(Collected data)

▼▼▼

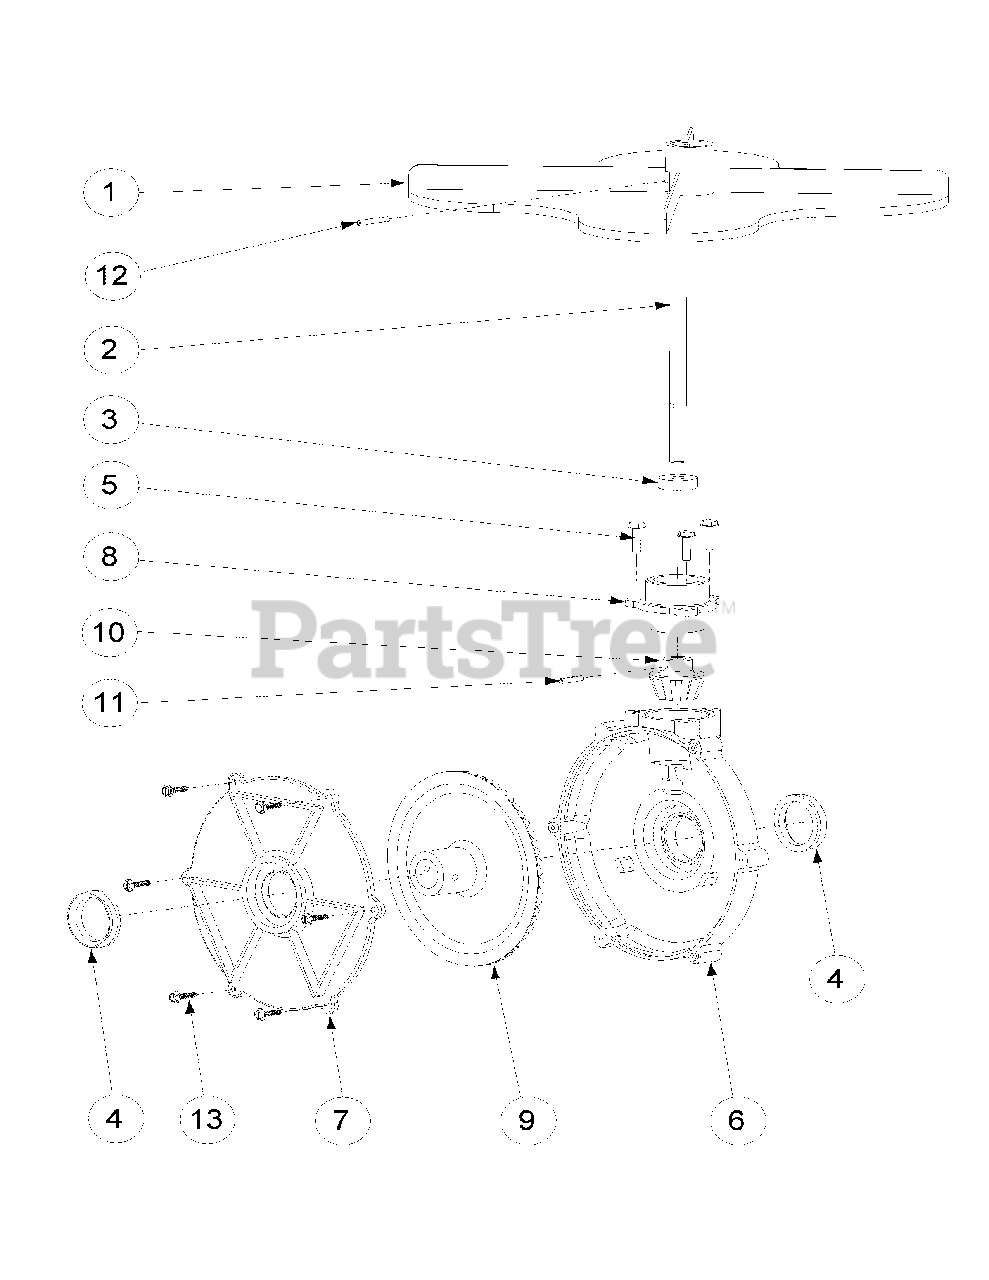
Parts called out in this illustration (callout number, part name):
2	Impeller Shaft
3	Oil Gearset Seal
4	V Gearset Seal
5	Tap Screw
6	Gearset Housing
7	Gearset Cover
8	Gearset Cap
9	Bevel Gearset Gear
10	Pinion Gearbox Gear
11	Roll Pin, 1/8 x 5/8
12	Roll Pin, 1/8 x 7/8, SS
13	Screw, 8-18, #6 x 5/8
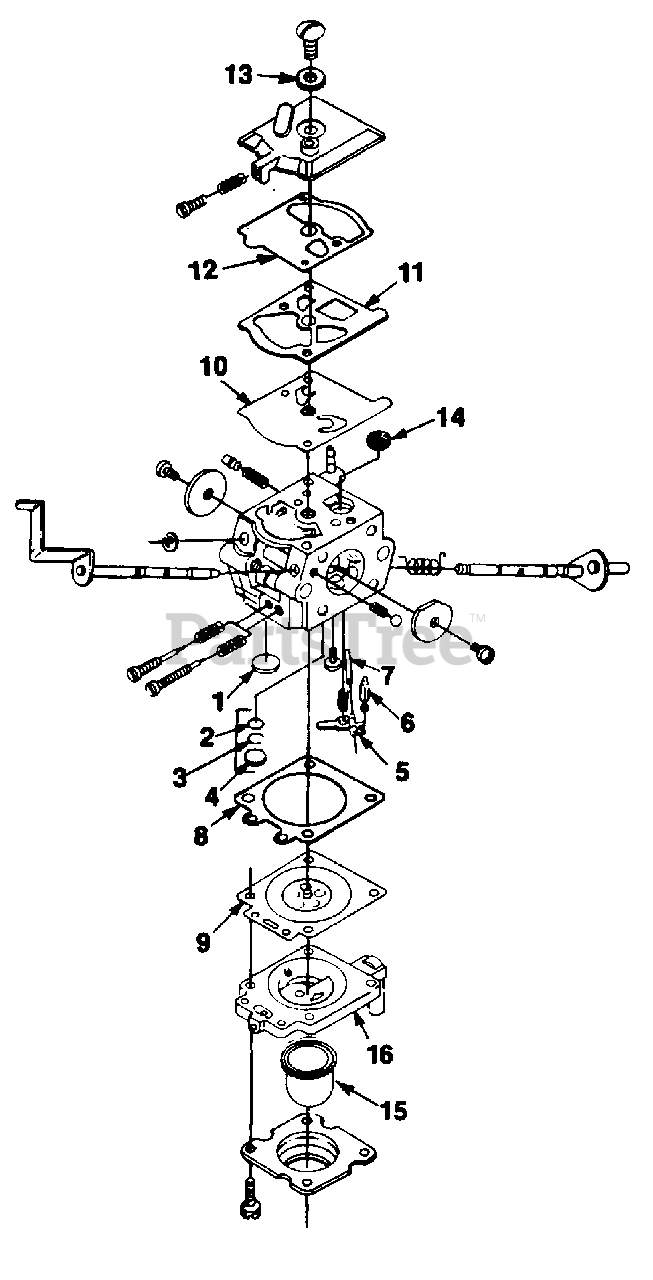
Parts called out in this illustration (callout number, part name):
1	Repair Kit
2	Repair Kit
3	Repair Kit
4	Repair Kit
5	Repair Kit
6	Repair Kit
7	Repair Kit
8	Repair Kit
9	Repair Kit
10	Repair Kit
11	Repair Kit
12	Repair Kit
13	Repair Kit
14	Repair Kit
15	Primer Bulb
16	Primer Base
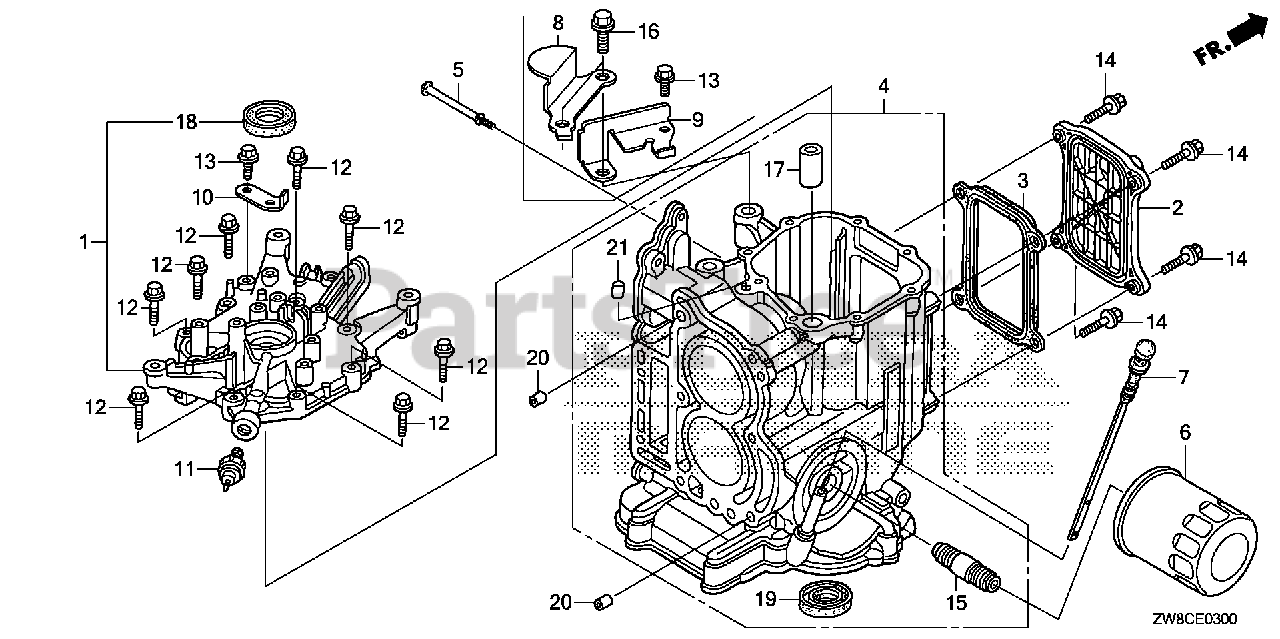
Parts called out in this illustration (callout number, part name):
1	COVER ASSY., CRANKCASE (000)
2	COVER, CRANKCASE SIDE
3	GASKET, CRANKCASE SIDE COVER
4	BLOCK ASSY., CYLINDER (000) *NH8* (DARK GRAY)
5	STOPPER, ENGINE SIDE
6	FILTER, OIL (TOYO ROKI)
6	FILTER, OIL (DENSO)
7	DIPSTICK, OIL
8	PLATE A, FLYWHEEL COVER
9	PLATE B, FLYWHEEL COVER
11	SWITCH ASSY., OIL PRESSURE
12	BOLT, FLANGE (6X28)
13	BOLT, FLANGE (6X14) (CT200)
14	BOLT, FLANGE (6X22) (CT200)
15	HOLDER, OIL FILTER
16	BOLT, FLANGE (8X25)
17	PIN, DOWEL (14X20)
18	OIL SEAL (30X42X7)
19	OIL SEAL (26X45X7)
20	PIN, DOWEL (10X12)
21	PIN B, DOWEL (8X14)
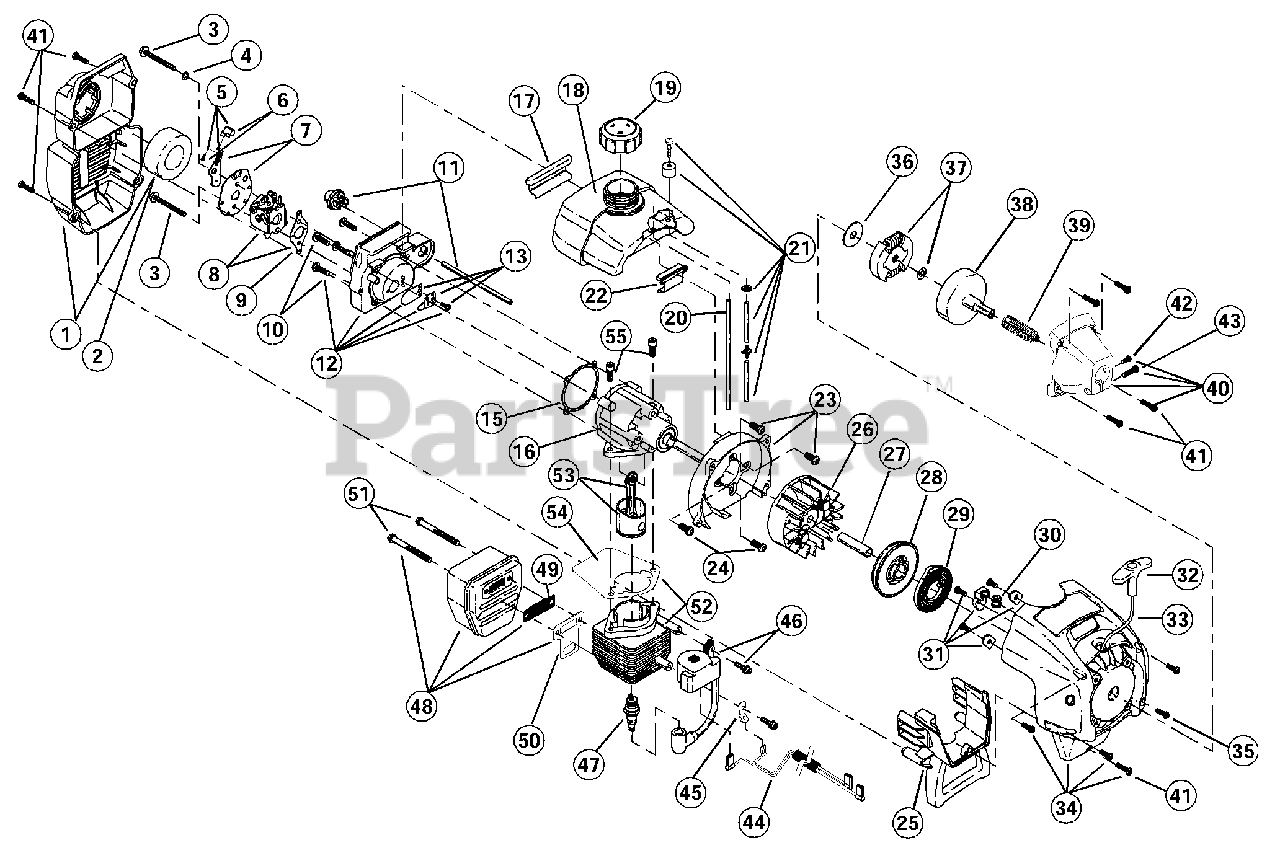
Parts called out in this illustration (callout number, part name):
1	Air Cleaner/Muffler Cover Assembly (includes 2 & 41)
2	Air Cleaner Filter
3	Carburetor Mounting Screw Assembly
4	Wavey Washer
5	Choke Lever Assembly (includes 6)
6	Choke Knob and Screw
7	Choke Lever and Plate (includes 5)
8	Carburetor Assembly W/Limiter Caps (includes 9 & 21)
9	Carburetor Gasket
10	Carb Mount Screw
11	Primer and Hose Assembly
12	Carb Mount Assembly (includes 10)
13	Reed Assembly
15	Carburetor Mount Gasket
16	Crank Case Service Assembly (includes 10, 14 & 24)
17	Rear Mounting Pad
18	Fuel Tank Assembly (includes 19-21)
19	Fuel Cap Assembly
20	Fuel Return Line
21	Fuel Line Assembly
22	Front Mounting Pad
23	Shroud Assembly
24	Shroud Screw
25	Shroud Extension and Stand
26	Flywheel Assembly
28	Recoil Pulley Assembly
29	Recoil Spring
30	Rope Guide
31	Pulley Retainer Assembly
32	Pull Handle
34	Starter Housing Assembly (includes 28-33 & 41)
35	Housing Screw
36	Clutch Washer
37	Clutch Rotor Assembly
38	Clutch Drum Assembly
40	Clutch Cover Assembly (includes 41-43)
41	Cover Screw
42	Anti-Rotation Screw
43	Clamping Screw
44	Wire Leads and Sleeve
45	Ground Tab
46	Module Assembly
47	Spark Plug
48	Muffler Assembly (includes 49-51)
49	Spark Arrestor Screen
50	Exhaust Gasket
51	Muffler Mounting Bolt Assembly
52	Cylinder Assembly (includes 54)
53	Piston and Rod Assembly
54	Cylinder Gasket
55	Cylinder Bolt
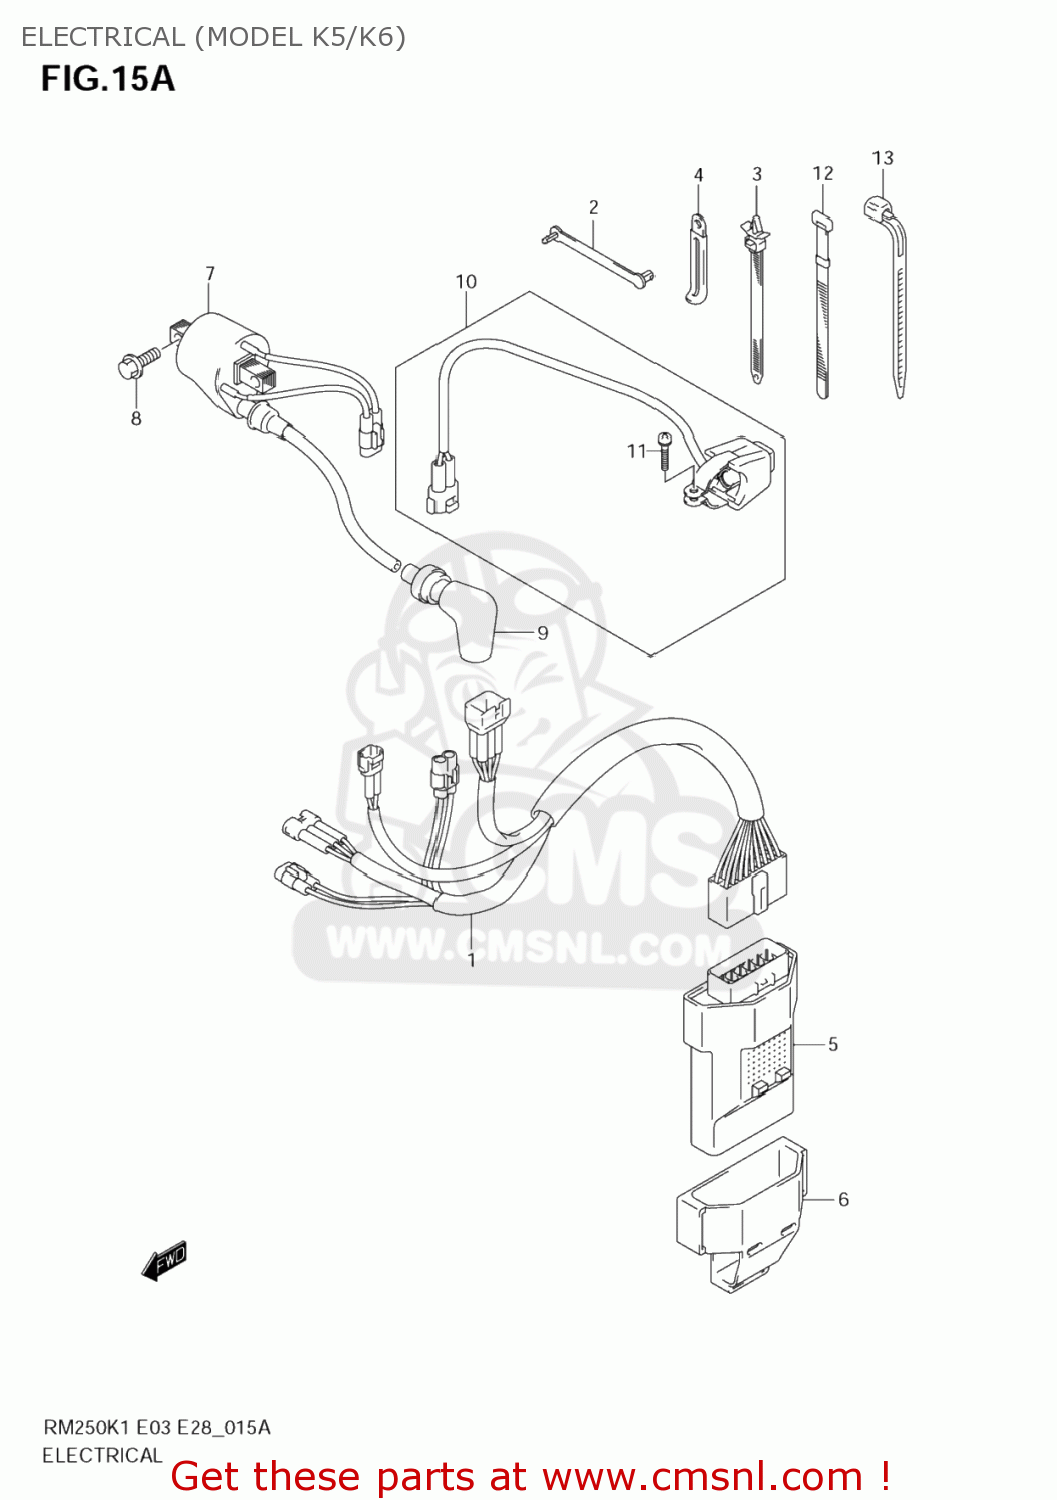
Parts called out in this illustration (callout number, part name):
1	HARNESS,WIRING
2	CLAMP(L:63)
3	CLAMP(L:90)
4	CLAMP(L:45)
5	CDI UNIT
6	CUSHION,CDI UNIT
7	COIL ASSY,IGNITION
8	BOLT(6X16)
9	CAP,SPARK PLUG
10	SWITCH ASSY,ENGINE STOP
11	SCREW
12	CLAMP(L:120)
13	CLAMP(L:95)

▲▲▲

State only the count of lines above that hold the string "Clutch".

4